"From a marketing point of view, you don't introduce new products in August." -
Andrew Card, speaking about what would become Operation Iraqi Freedom.
People who lauded Bush as the 'CEO President' forgot that deception and manipulation are a marketer's primary tools. Here we see what happens when they're turned to the service of
selling death:
One of the most powerful people in Washington, Rendon is a leader in the strategic field known as "perception management," manipulating information -- and, by extension, the news media -- to achieve the desired result. His firm, the Rendon Group, has made millions off government contracts since 1991, when it was hired by the CIA to help "create the conditions for the removal of Hussein from power." Working under this extraordinary transfer of secret authority, Rendon assembled a group of anti-Saddam militants, personally gave them their name -- the Iraqi National Congress -- and served as their media guru and "senior adviser" as they set out to engineer an uprising against Saddam...
...Indeed, Rendon is already thinking ahead. Last year, he attended a conference on information operations in London, where he offered an assessment on the Pentagon's efforts to manipulate the media. According to those present, Rendon applauded the practice of embedding journalists with American forces. "He said the embedded idea was great," says an Air Force colonel who attended the talk. "It worked as they had found in the test. It was the war version of reality television, and for the most part they did not lose control of the story." But Rendon also cautioned that individual news organizations were often able to "take control of the story," shaping the news before the Pentagon asserted its spin on the day's events.
"We lost control of the context," Rendon warned. "That has to be fixed for the next war."The Rendon group responds
here, rather feebly.
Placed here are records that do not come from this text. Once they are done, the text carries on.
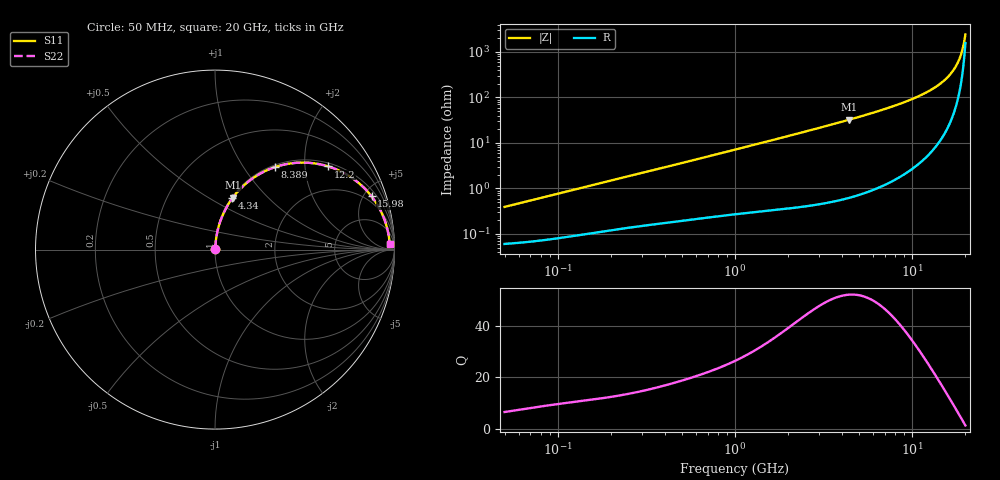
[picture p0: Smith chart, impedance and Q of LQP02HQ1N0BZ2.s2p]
!Murata Part Number: LQP02HQ1N0BZ2
!These Parameters are Measured in Series Mode Connection
!  o--[Z]--o
!Port1  Port2
!  o-------o
!Freq. Start=50[MHz] Stop=20[GHz], 401[Steps]
# Hz S RI R 50
!Freq.(Hz) S11(Real) S11(Imag) S21(Real) S21(Imag) S12(Real) S12(Imag) S22(Real) S22(Imag)
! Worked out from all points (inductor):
!   401 points, 50 MHz to 20 GHz, reference 50 ohm
!   read as one part in series: L = 1.23 nH near 51.52 MHz
!   highest Q = 52.2 at 4.406 GHz (marker M1), where L = 1.17 nH
!   S11 on the Smith chart (normalised r, x): 50 MHz: 1.00, +0.01; 4.34 GHz: 1.01, +0.64; 8.389 GHz: 1.03, +1.41; 12.2 GHz: 1.10, +2.64; 15.98 GHz: 1.45, +5.69; 20 GHz: 32, +37
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5e7  0.000617 0.00387  0.9994 -0.00387  0.9994 -0.00387  0.000617 0.00387
1.364002e8  0.00107 0.0103  0.9989 -0.0103  0.9989 -0.0103  0.00107 0.0103
3.721004e8  0.0024 0.027  0.9976 -0.027  0.9976 -0.027  0.0024 0.027
1e9  0.00768 0.0704  0.9923 -0.0704  0.9923 -0.0704  0.00768 0.0704
1.714689e9  0.0178 0.1189  0.9822 -0.1189  0.9822 -0.1189  0.0178 0.1189
2.728004e9  0.0403 0.1861  0.9597 -0.1861  0.9597 -0.1861  0.0403 0.1861
4.34015e9  0.0963 0.2856  0.9037 -0.2856  0.9037 -0.2856  0.0963 0.2856
4.405649e9  0.0991 0.2894  0.9009 -0.2894  0.9009 -0.2894  0.0991 0.2894
5.856089e9  0.1709 0.3666  0.8291 -0.3666  0.8291 -0.3666  0.1709 0.3666
7.442007e9  0.269 0.4325  0.731 -0.4325  0.731 -0.4325  0.269 0.4325
8.389408e9  0.3358 0.4603  0.6642 -0.4603  0.6642 -0.4603  0.3358 0.4603
1.034674e10  0.486 0.4849  0.514 -0.4849  0.514 -0.4849  0.486 0.4849
1.220001e10  0.6314 0.4633  0.3686 -0.4633  0.3686 -0.4633  0.6314 0.4633
1.417136e10  0.7714 0.3939  0.2286 -0.3939  0.2286 -0.3939  0.7714 0.3939
1.504638e10  0.8243 0.35  0.1757 -0.35  0.1757 -0.35  0.8243 0.35
1.597544e10  0.8723 0.2966  0.1277 -0.2966  0.1277 -0.2966  0.8723 0.2966
1.721783e10  0.9222 0.2176  0.0778 -0.2176  0.0778 -0.2176  0.9222 0.2176
1.774144e10  0.9381 0.1826  0.0619 -0.1826  0.0619 -0.1826  0.9381 0.1826
1.828096e10  0.9514 0.1461  0.0486 -0.1461  0.0486 -0.1461  0.9514 0.1461
1.88369e10  0.9617 0.1083  0.0383 -0.1083  0.0383 -0.1083  0.9617 0.1083
1.970266e10  0.9715 0.0498  0.0285 -0.0498  0.0285 -0.0498  0.9715 0.0498
2e10  0.9732 0.03  0.0268 -0.03  0.0268 -0.03  0.9732 0.03
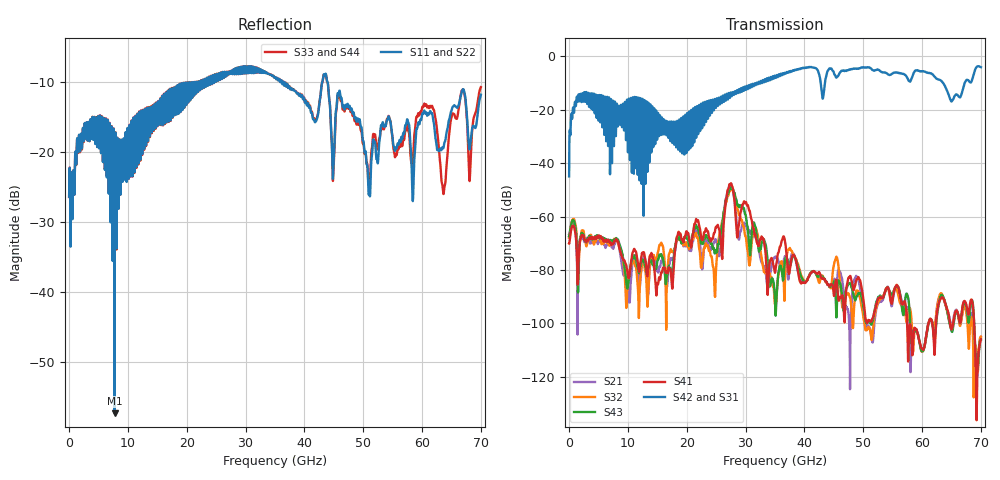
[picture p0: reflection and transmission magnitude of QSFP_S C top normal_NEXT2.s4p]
! AWR Design Environment (8415) Tue Jan 08 11:52:45 2019
! Document = 'QSFP Channel_S'
! nPorts: 4, nXvals: 7001
# HZ S DB R 50
!Freq DBS11 AngS11 DBS12 AngS12 DBS13 AngS13 DBS14 AngS14
!	DBS21 AngS21 DBS22 AngS22 DBS23 AngS23 DBS24 AngS24
!	DBS31 AngS31 DBS32 AngS32 DBS33 AngS33 DBS34 AngS34
!	DBS41 AngS41 DBS42 AngS42 DBS43 AngS43 DBS44 AngS44
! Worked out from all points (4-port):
!   7000 points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, 10 MHz to 70 GHz, reference 50 ohm
!   strongest paths, dB at 10 MHz, 17.51 GHz, 35.01 GHz, 52.51 GHz, 70 GHz:
!     S42: -44.9, -29.9, -7.3, -5.0, -4.0
!     S31: -44.9, -30.3, -7.3, -5.0, -4.0
!     S41: -70.1, -86.4, -81.0, -90.8, -106.0
!     S43: -67.5, -81.6, -91.2, -90.3, -106.0
!     S32: -68.0, -73.0, -92.7, -92.0, -104.9
!     S21: -66.8, -76.0, -75.3, -92.5, -105.1
!   lowest |S11| = -57.3 dB at 7.73 GHz (marker M1), VSWR 1.00, Z = 49.9 + j0.127 ohm
!   |S11| at or under -10 dB: start of sweep to 20.42 GHz; 36.48 GHz to 43.04 GHz (6.553 GHz wide, 16.5 % of centre); 43.96 GHz to end of sweep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
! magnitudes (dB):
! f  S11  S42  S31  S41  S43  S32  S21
! 10 MHz  -26.3  -44.9  -44.9  -70.1  -67.5  -68.0  -66.8
! 1.63 GHz  -18.3  -14.2  -14.4  -75.4  -77.0  -80.0  -73.0
! 7.73 GHz  -57.3  -18.1  -18.1  -69.1  -68.6  -68.4  -70.3
! 24.72 GHz  -9.3  -16.7  -16.7  -66.1  -73.3  -86.7  -69.4
! 27.48 GHz  -8.8  -13.5  -13.6  -47.7  -49.3  -49.8  -48.7
! 33.59 GHz  -8.6  -8.3  -8.3  -80.5  -73.3  -80.5  -84.2
! 70 GHz  -11.8  -4.0  -4.0  -106.0  -106.0  -104.9  -105.1

A less sensationalist approach than
Rolling Stone's can be found in
Truth From These Podia, by Paul Wolf.
The United States (and UK) conducted a strategic influence campaign that:
* ... distorted perceptions of the situation both before and during the conflict.
* ... caused misdirection of portions of the military operation.
* ... was irresponsible in parts.
* ... might have been illegal in some ways.
* ... cost big bucks.
* ... will be even more serious in the future.In either case, one is reminded of William Randolph Hearst's telegram to Frederic Remington, on the advent of the Spanish American War. The 'newspapermen' are again creating our wars, and the 'journalists' again merely provide photos of the bodies.
As an update: A bit more about the Rendon Group
here, in an article from last Sunday's Chicago
Tribune, and an expose' of a Rendon-backed astroturfing campaign
here.
The Smith-Mundt Act of 1948 (22 U.S.C. ' 1461), forbids the domestic dissemination of U.S. government authored or developed propaganda or “official news” deliberately designed to influence public opinion or policy. The Pentagon has made aggressive use of various information warfare techniques, developing new programs and hiring outside media consultants in executing their various missions in the Global War on Terror.